Task directions: Among the entries that follow, count the lines that contain the word "layers" and say how many there are, writing nothing else.

Records from a data source:
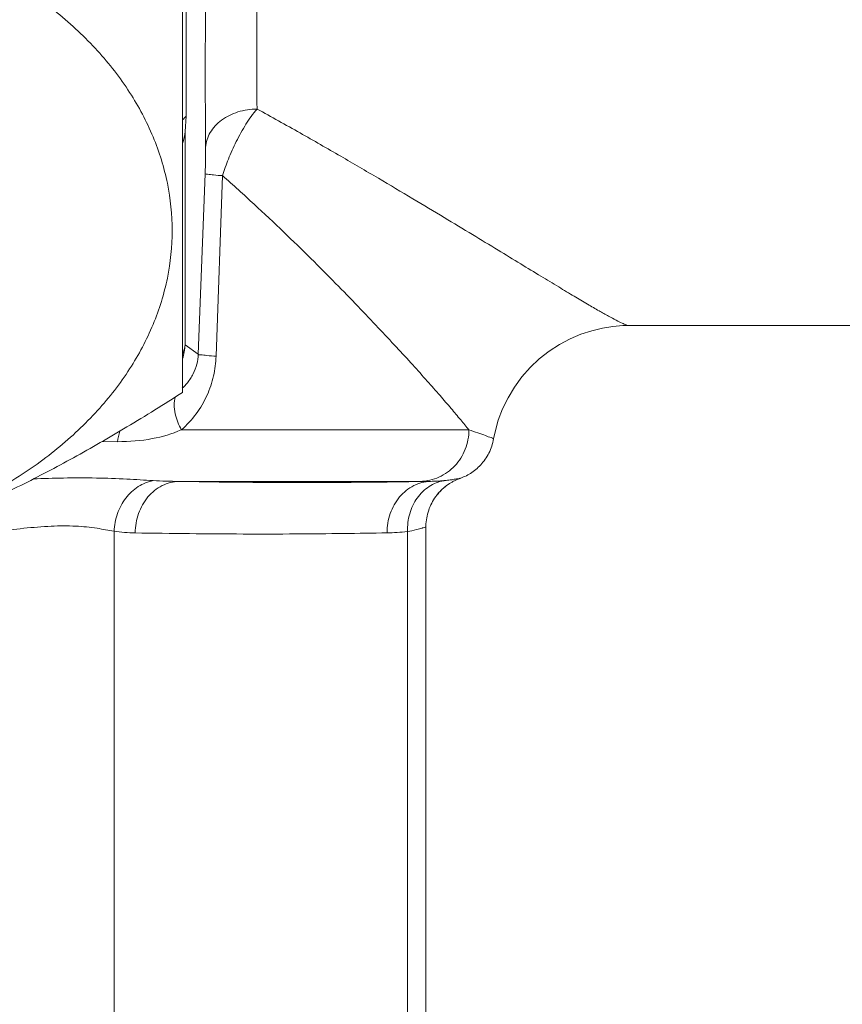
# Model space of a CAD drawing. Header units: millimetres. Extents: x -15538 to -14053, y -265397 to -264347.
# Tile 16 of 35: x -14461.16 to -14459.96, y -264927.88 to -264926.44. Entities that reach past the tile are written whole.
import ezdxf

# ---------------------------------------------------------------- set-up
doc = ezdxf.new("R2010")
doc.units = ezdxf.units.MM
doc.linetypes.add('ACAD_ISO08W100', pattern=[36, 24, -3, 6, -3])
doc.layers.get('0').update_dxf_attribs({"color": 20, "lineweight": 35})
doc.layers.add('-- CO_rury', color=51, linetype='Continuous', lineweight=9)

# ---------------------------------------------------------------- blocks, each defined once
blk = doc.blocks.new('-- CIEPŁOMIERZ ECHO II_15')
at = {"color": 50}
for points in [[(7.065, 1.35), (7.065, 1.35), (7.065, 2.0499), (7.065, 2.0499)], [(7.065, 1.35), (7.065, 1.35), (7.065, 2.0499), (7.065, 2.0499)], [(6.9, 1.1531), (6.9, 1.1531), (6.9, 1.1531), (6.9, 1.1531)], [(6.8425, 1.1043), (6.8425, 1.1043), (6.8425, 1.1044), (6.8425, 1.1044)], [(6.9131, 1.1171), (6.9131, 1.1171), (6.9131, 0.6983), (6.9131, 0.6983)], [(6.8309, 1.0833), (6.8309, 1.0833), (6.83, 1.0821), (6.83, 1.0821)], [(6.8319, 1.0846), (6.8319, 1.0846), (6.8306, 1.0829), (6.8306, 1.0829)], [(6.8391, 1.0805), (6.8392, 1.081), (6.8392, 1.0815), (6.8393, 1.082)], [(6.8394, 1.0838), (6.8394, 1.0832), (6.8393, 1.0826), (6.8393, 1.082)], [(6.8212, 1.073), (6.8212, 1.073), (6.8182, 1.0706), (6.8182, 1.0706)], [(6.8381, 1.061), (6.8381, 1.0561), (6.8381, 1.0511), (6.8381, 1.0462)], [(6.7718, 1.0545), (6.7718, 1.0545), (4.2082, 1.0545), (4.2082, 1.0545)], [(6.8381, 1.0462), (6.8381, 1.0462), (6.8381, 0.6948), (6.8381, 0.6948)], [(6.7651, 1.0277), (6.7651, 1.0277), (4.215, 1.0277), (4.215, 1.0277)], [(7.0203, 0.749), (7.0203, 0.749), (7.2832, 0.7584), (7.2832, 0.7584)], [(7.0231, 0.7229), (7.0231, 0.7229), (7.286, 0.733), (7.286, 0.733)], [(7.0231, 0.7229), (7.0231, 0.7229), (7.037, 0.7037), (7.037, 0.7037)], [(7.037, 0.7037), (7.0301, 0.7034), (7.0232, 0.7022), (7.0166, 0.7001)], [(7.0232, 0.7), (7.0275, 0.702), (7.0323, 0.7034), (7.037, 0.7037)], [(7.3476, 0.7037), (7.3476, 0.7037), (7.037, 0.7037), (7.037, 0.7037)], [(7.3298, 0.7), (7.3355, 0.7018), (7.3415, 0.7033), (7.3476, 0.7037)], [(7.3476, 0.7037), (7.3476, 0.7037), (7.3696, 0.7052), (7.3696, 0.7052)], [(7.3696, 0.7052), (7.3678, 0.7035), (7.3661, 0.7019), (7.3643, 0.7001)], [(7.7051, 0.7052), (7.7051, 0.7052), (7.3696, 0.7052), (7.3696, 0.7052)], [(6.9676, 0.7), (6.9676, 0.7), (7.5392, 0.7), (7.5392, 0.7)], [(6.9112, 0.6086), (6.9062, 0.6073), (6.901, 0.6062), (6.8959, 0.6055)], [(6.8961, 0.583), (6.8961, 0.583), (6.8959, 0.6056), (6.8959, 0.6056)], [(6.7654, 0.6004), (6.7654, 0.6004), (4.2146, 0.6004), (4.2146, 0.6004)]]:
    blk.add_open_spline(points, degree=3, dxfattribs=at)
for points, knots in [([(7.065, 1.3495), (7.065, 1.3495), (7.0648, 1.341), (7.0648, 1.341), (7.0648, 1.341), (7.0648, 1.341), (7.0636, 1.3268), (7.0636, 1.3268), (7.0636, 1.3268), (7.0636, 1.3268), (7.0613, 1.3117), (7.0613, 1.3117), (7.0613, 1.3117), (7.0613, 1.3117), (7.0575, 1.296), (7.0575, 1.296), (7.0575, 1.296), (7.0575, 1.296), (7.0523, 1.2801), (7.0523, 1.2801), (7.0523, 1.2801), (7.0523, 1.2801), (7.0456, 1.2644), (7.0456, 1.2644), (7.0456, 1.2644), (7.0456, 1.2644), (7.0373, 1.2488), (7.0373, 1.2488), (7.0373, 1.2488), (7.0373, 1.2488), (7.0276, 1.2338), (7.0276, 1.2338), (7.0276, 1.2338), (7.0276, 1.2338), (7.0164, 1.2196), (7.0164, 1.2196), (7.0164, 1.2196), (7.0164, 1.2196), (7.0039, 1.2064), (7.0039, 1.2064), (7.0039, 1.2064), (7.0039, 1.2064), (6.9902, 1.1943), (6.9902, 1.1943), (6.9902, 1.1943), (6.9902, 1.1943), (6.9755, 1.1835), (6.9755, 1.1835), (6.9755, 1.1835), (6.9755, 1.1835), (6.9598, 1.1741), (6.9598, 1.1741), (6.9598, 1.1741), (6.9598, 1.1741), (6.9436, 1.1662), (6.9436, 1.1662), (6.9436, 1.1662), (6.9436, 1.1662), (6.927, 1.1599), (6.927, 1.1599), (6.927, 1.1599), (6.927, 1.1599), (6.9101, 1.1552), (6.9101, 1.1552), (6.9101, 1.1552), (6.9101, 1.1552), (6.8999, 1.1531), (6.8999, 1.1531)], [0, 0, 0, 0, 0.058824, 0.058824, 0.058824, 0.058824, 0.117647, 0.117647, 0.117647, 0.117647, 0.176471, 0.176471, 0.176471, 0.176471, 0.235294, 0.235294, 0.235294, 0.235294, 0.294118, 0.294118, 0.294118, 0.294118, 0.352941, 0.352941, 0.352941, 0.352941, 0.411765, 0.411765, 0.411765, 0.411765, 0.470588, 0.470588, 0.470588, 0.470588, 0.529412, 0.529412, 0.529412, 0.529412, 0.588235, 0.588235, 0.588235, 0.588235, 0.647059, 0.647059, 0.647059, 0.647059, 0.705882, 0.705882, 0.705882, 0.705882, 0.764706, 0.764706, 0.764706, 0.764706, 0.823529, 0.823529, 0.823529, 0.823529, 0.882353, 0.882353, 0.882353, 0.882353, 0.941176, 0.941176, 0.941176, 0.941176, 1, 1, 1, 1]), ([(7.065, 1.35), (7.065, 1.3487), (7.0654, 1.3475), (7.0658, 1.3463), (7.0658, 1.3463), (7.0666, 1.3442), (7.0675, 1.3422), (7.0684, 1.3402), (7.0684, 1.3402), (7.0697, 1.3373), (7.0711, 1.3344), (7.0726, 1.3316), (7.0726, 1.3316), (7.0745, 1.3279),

Expected output: 2